An MCL is a standard set by US EPA that indicates the maximum
concentration of a contaminant that can be present in drinking water and have that water still be deemed “fit for human consumption” for each contaminant.
See a list of current MCLs enforced by EPA here.
What Is the Contaminant Candidate List?
Under 1996’s Safe Drinking Water Act Amendment, Congress directed EPA to create a list of contaminants that are:
The presence of a chemical on the CCL does not automatically indicate that the chemical is regulated or even that it will be regulated in the future.
- Not currently subject to regulation under the SDWA, but
- Are known, or are anticipated, to occur in public drinking water systems and may require SDWA regulation.
But it is a “heads-up” to public water systems that regulations might be written down the line.
EPA is required to update the CCL every five years. The first version was published in 1998 and the most recent in 2016. The CCL4 includes twelve microbiological contaminants and 97 chemical contaminants or contaminant groups.
How Do Chemicals Go from the CCL to Full Regulation?
EPA is required by law to make regulatory determinations on at least five chemicals on each CCL update. That is, out of the 109 items on the CCL4, EPA must decide whether to create MCLs for at least five of them by November 17, 2021.

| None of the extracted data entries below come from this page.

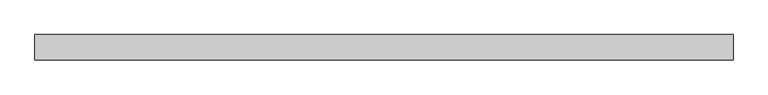
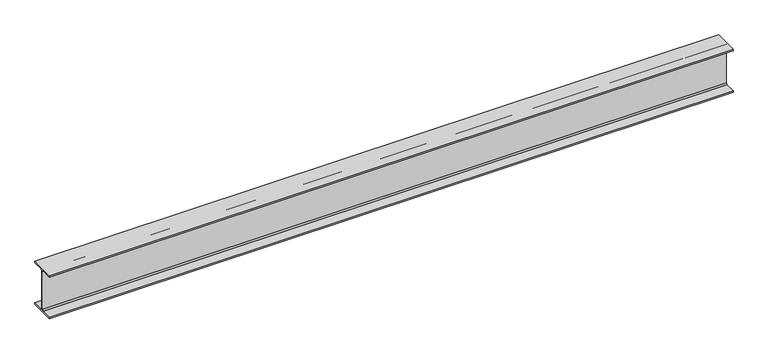
"""IFC4 building model written with IfcOpenShell, lengths in millimetres: beam geometry, Old_Steel Beam_H-KSD3502 : H_SB_ASB_H-482×300x11x15."""

from ifc_helpers import new_model, si_unit, point, frame, frame_2d, origin, place, context, project, spatial, polyline, circle_curve, trimmed, segment, composite_curve, outline, extrude, source, transform, mapped, element, save


def beam_863c03c5(model_context):
    return source(origin(), model_context, "Body", "SweptSolid", [
        extrude(outline(composite_curve([segment(polyline([(82.5, -141.5), (82.5, -151.7), (-82.5, -151.7), (-82.5, -141.5), (-11.9, -141.5)]), True, "CONTINUOUS"), segment(trimmed(circle_curve(frame_2d((-11.9, -132.6)), 8.9), [point((-11.9, -141.5))], [point((-3.0, -132.6))], True, "CARTESIAN"), True, "CONTINUOUS"), segment(polyline([(-3.0, -132.6), (-3.0, 132.6)]), True, "CONTINUOUS"), segment(trimmed(circle_curve(frame_2d((-11.9, 132.6)), 8.9), [point((-3.0, 132.6))], [point((-11.9, 141.5))], True, "CARTESIAN"), True, "CONTINUOUS"), segment(polyline([(-11.9, 141.5), (-82.5, 141.5), (-82.5, 151.7), (82.5, 151.7), (82.5, 141.5), (11.9, 141.5)]), True, "CONTINUOUS"), segment(trimmed(circle_curve(frame_2d((11.9, 132.6)), 8.9), [point((11.9, 141.5))], [point((3.0, 132.6))], True, "CARTESIAN"), True, "CONTINUOUS"), segment(polyline([(3.0, 132.6), (3.0, -132.6)]), True, "CONTINUOUS"), segment(trimmed(circle_curve(frame_2d((11.9, -132.6)), 8.9), [point((3.0, -132.6))], [point((11.9, -141.5))], True, "CARTESIAN"), True, "CONTINUOUS"), segment(polyline([(11.9, -141.5), (82.5, -141.5)]), True, "CONTINUOUS")], self_intersect=False)), frame((-2279.8, 0.0, 0.0), z_axis=(1.0, 0.0, 0.0), x_axis=(0.0, 1.0, 0.0)), (0.0, 0.0, 1.0), 4559.6),
    ])


if __name__ == "__main__":
    model = new_model("IFC4")
    model_context = context("Model", 3, world=origin())
    ifc_project = project(units=[si_unit("LENGTHUNIT", "METRE", prefix="MILLI")], contexts=[model_context])
    site = spatial("IfcSite", under=ifc_project)
    building = spatial("IfcBuilding", under=site)
    placement = place(None, origin())
    beam_shape = beam_863c03c5(model_context)
    element("IfcBeam", 1, ObjectType="Old_Steel Beam_H-KSD3502 : H_SB_ASB_H-482×300x11x15", at=placement, inside=building, context=model_context, shape_type="MappedRepresentation", body=[
        mapped(beam_shape, transform((0.0, 0.0, 0.0), x_axis=(1.0, 0.0, 0.0), y_axis=(0.0, 1.0, 0.0), z_axis=(0.0, 0.0, 1.0))),
    ])
    save(model, "model.ifc")

# Revit data of these elements
# Type "Old_Steel Beam_H-KSD3502 : H_SB_ASB_H-482×300x11x15"
#   Width = 30.0 cm
#   Web Thickness = 1.1 cm
#   Web Fillet = 2.6 cm
#   Warping Constant = 3680250.0 cm⁶
#   Torsional Moment of Inertia = 88.2192 cm⁴
#   Torsional Modulus = 1.0 cm³
#   Section Area = 145.5 cm²
#   Plastic Modulus weak axis = 695.0 cm³
#   Plastic Modulus strong axis = 2790.0 cm³
#   Perimeter = 2.10 m²/m
#   Nominal Weight = 114.00 kgf/m
#   Moment of Inertia weak axis = 6760.00 cm⁴
#   Moment of Inertia strong axis = 60400.00 cm⁴
#   Height = 48.2 cm
#   Flange Thickness = 1.5 cm
#   Elastic Modulus weak axis = 451.0 cm³
#   Elastic Modulus strong axis = 2500.0 cm³
#   Centroid Vertical = 24.1 cm
#   Centroid Horizontal = 15.0 cm
#   Length [instance default] = 1.5240 m
#   Structural Material [instance default] = Steel, 45-345
#   Assembly Code = ""
# Element 1 (IfcBeam, "Old_Steel Beam_H-KSD3502 : H_SB_ASB_H-482×300x11x15")
#   Structural Material = none
# Materials
#   "Steel, 45-345": class "Metal", colour RGB 189 187 185, transparency 0, Description = "Steel 345 MPa", Cost = 0

The “regulatory determination’ that EPA makes may or may not impose a new MCL. EPA can decide that no action is necessary to protect human health—the decision to not
create an MCL also counts as a “regulatory determination,” even though no new rules must be created.
For example, of the five chemicals to receive regulatory determinations from the CCL3 (published in 2009), only one (strontium) was determined to meet the criteria for establishing MCLs. The other four (dimethoate, 1,3-dinitrobenzene, terbufos, and terbufos sulfone) were determined not to meet that criteria.
What Criteria Does EPA Use to Create MCLs?
The SDWA sets three criteria for determining if a contaminant should be regulated:
- Might the contaminant have an adverse effect on human health?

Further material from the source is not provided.